Turning off retargeting could hurt publishers and empower Google, Facebook

People being stalked around the internet with ads for the same pair of sneakers is one of the unfortunate side effects of digital advertising. But online ad campaigns still rely on retargeting because, well, it works.

Users can turn off their cookies to reduce retargeting, but it’s hard to eliminate all ad tracking since advertisers also identify users by their login data. It’s also difficult for users to prevent data aggregators from accumulating information on them whenever they log into their email or social media accounts.

Many want a simple button to turn off retargeting for a product they already bought or aren’t interested in. If users could opt out of retargeting with a single click — rather than having to manually remove tracking capabilities across all their devices, browsers and email accounts — mass adoption of this feature would ripple through the industry. It could lead to the shuttering of ad tech companies, more power to Facebook and Google, and a dip in digital ad spending.

“It would almost be like a daily reset button because we wouldn’t have the data to follow people the way we want to,” says Julie Rezek, North American president at ad agency Hacker Agency.

The sales impact
Turning off retargeting with one click would give first-party data another advantage over third-party data, says Dana Hayes, president of social sharing platform ShareThis. First-party data is information like purchase histories that a publisher or advertiser collects directly from users. Third-party data is information like audience demographics that advertisers purchase through third parties to help them target ad buys across large numbers of people. First-party data providers like Google and Facebook benefit from retargeting opt outs because preventing advertisers from tracking users with third-party data they obtain from another company puts more power in the hands of first-party data providers since they obtain data directly from their users.

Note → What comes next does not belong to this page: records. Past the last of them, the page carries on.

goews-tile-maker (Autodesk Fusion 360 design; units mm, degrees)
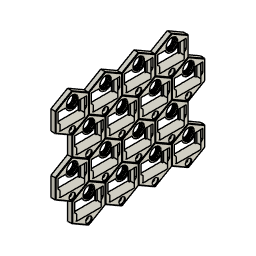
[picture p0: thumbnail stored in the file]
parameter "width" = 42
parameter "height" = 48.497
parameter "offset" = 36.373
parameter "DoubleVerticalDistance" = 72.746
sketch "Reference" plane through (0, 0, 0) normal (1, 0, 0) x axis (0, 1, 0)
  line L1 (-18, -1.6244) -> (-15.5, -4.1244)
  line L2 (-18, 9.8756) -> (-18, -1.6244)
  line L3 (-8.5448, 9.8756) -> (-18, 9.8756)
  line L4 (18, 9.8756) -> (8.5448, 9.8756)
  line L5 (18, -1.6244) -> (18, 9.8756)
  line L6 (15.5, -4.1244) -> (18, -1.6244)
  line L7 (15.5, -12.1244) -> (15.5, -4.1244)
  line L8 (-15.5, -12.1244) -> (15.5, -12.1244)
  line L9 (-15.5, -4.1244) -> (-15.5, -12.1244)
  line L10 (20.5, 11.8357) -> (20.5, -11.8357)
  line L11 (0, 23.6714) -> (20.5, 11.8357)
  line L12 (-20.5, 11.8357) -> (0, 23.6714)
  line L13 (-20.5, -11.8357) -> (-20.5, 11.8357)
  line L14 (0, -23.6714) -> (-20.5, -11.8357)
  line L15 (20.5, -11.8357) -> (0, -23.6714)
  circle C1 centre (0, 12.7017) radius 7.1612
  arc A1 centre (0, 12.7017) radius 9 clockwise from (8.5448, 9.8756) to (-8.5448, 9.8756)
  circle C2 centre (0, -18.2487) radius 4
  point P22 (-42, 24.2487)
  point P27 (-21, -12.1244)
  point P20 (0, -24.2487)
  point P23 (-21, 60.6218)
  point P21 (21, -12.1244)
  point P25 (0, 48.4974)
  point P28 (0, 24.2487)
  point P26 (21, 12.1244)
  dimension "d7" distance P22 P27 = 36.3731
  dimension "d8" distance P20 P23 = 84.8705
  dimension "d9" distance P21 P23 = 84
  dimension "d10" distance P21 P22 = 63
  dimension "d11" distance P20 P25 = 72.7461
  dimension "d17" distance P21 P27 = 42
  dimension "d18" distance P20 P28 = 48.4974
  dimension "d19" distance P23 P28 = 36.3731
  dimension "d24" distance P20 P26 = 36.3731
copy_paste_bodies "CutPasteBodies"
sketch "patch" plane through (-6, 0, 0) normal (-1, 0, 0) x axis (0, -1, 0)
  line L1 (3, 25.9808) -> (16.0118, 18.4684)
  line L2 (3, 26.0061) -> (3, 25.9808)
  line L3 (39, 26.0061) -> (3, 26.0061)
  line L4 (39, 25.9808) -> (39, 26.0061)
  line L5 (25.9882, 18.4684) -> (39, 25.9808)
  curve K1 (16.3334, 53.0977) -> (19.1178, 42.0472)
  curve K2 (22.8822, 42.0472) -> (25.6666, 53.0977)
  line L6 (0, 24.2487) -> (0, 48.4974)
  line L7 (21, 12.1244) -> (0, 24.2487)
  line L8 (42, 24.2487) -> (21, 12.1244)
  line L9 (42, 48.4974) -> (42, 24.2487)
  line L10 (21, 60.6218) -> (42, 48.4974)
  line L11 (0, 48.4974) -> (21, 60.6218)
  line L12 (7.5, 46.2487) -> (7.5, 30.2487)
  line L13 (12.4552, 46.2487) -> (7.5, 46.2487)
  line L14 (34.5, 46.2487) -> (29.5448, 46.2487)
  line L15 (34.5, 30.2487) -> (34.5, 46.2487)
  line L16 (7.5, 30.2487) -> (34.5, 30.2487)
  line L17 (9.8586, 52.0614) -> (11.841, 52.0614)
  line L18 (9.8586, 48.8529) -> (9.8586, 52.0614)
  line L19 (11.841, 48.8529) -> (9.8586, 48.8529)
  line L20 (11.841, 52.0614) -> (11.841, 48.8529)
  line L21 (32.2218, 52.0614) -> (29.7148, 52.0614)
  line L22 (32.2218, 48.4173) -> (32.2218, 52.0614)
  line L23 (29.7148, 48.4173) -> (32.2218, 48.4173)
  line L24 (29.7148, 52.0614) -> (29.7148, 48.4173)
  arc A1 centre (21, 18.1244) radius 5 clockwise from (16.0118, 18.4684) to (25.9882, 18.4684)
  arc A2 centre (21, 49.0748) radius 6.1612 clockwise from (16.3334, 53.0977) to (25.6666, 53.0977)
  arc A3 centre (21, 49.0748) radius 7.2753 clockwise from (22.8822, 42.0472) to (19.1178, 42.0472)
  circle C1 centre (21, 18.1244) radius 2
  arc A4 centre (21, 49.0748) radius 9 clockwise from (29.5448, 46.2487) to (12.4552, 46.2487)
  horizontal L17
  vertical L18
  horizontal L19
  vertical L20
  horizontal L21
  vertical L22
  horizontal L23
  vertical L24
extrude "Extrude1" add sketch "patch" profile of L17 L18 L19 L20 L21 L22 L23 L24 against normal blind 6
copy_paste_bodies "CopyPasteBodies3"
copy_paste_bodies "CopyPasteBodies4"
move "Move3"
align "Align1"
move "Move2"
combine "Combine3" bodies "Hex (1)"
rectangular_pattern "R-Pattern3" countU 2 (= "VerticalQTY / 2") uSpaceDistance 72.746 vSpaceDistance -42 bodies "Hex (1)", "Hex (8)", "Hex (2)", "Hex (3)", "Hex (4)", "Hex (5)", "Hex (6)"
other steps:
base_feature "Base Feature1" bodies "Hex"
base_feature "Base Feature3" bodies "Hex (1)"
base_feature "Base Feature4" bodies "Hex (1) (1)"
named bodies: "Hex", "Hex (1)", "Hex (8)", "Hex (1) (1)", "Hex (3)", "Hex (5)", "Hex (2)", "Hex (4)", "Hex (6)"

Without retargeting, third-party data simply won’t scale. Ad buyers trying to reach specific audiences will turn to customer-relationship management and sales data from their brand clients to predict where they are likely to convert users. But most brands don’t share personally-identifiable information or gather behavioral data, so without being able to track users’ browsing behavior, brands will have a harder time finding new customers, which will hurt sales, Rezek says.

Cutting out retargeting will also prevent advertisers from reaching users across devices, Rezek says. And it will make attribution more difficult since a lack of user tracking makes it harder for advertisers to determine which variables actually drive sales.

Costs to consumers could rise
Preethy Vaidyanathan, svp of product at cross-device tracking firm Tapad, believes that a pullback on retargeting will also hurt publishers because many of them rely on selling audience segments that ad buyers find through retargeters. To make up for the lost publisher revenue, consumers would likely have to start paying for more content.

If users start opting out of being targeted, vendors like Criteo and AdRoll that specialize in retargeting will lose business, says Ari Paparo, CEO at ad tech company Beeswax. Since adding retargeting data to campaigns increases ad rates, a reduction in retargeting will lower the CPMs that advertisers pay. The trade-off is that advertisers will reach smaller audiences in return, which could lead retailers to lose some sales, he says.

Dave Morgan, CEO of TV ad-targeting firm Simulmedia, says that users opting out of retargeting also hurts ad tech companies like ad exchanges, demand-side platforms and data-management platforms.

“Those companies are all about creating data to target particular users across digital properties,” Morgan says. “If you limit the techniques they use to find those audiences, much of what they do will not be relevant anymore.”

If ad tech platforms can no longer segment and target audiences, the trend of ad dollars increasingly shifting toward programmatic will stop since automated buying will lose many of the advantages that it holds over direct sales, Morgan says. In this scenario, marketers will turn to other channels to reach users, like direct marketing through email.

While cutting off ad retargeting would be perilous for many companies in the digital ad supply chain, a restriction on retargeting will benefit people who are concerned about the privacy of their digital data and annoyed by the ads that follow them around the internet. Ad tech execs and ad agency reps claim targeted ads benefit users by making ads more relevant for them. But people are clearly fed up with digital advertising given that about 30 percent of U.S. internet users block ads, and the number is growing, according to eMarketer.

Although users have an incentive to expel ad trackers out of concern for their privacy, most people outside of the ad industry aren’t that sensitive to the issue, Paparo says.

“As with most consumer-facing ad things, only a small minority of users would be aware of this option and would remember to click it,” Paparo says. “And probably many of the people who would choose to already use ad blockers.”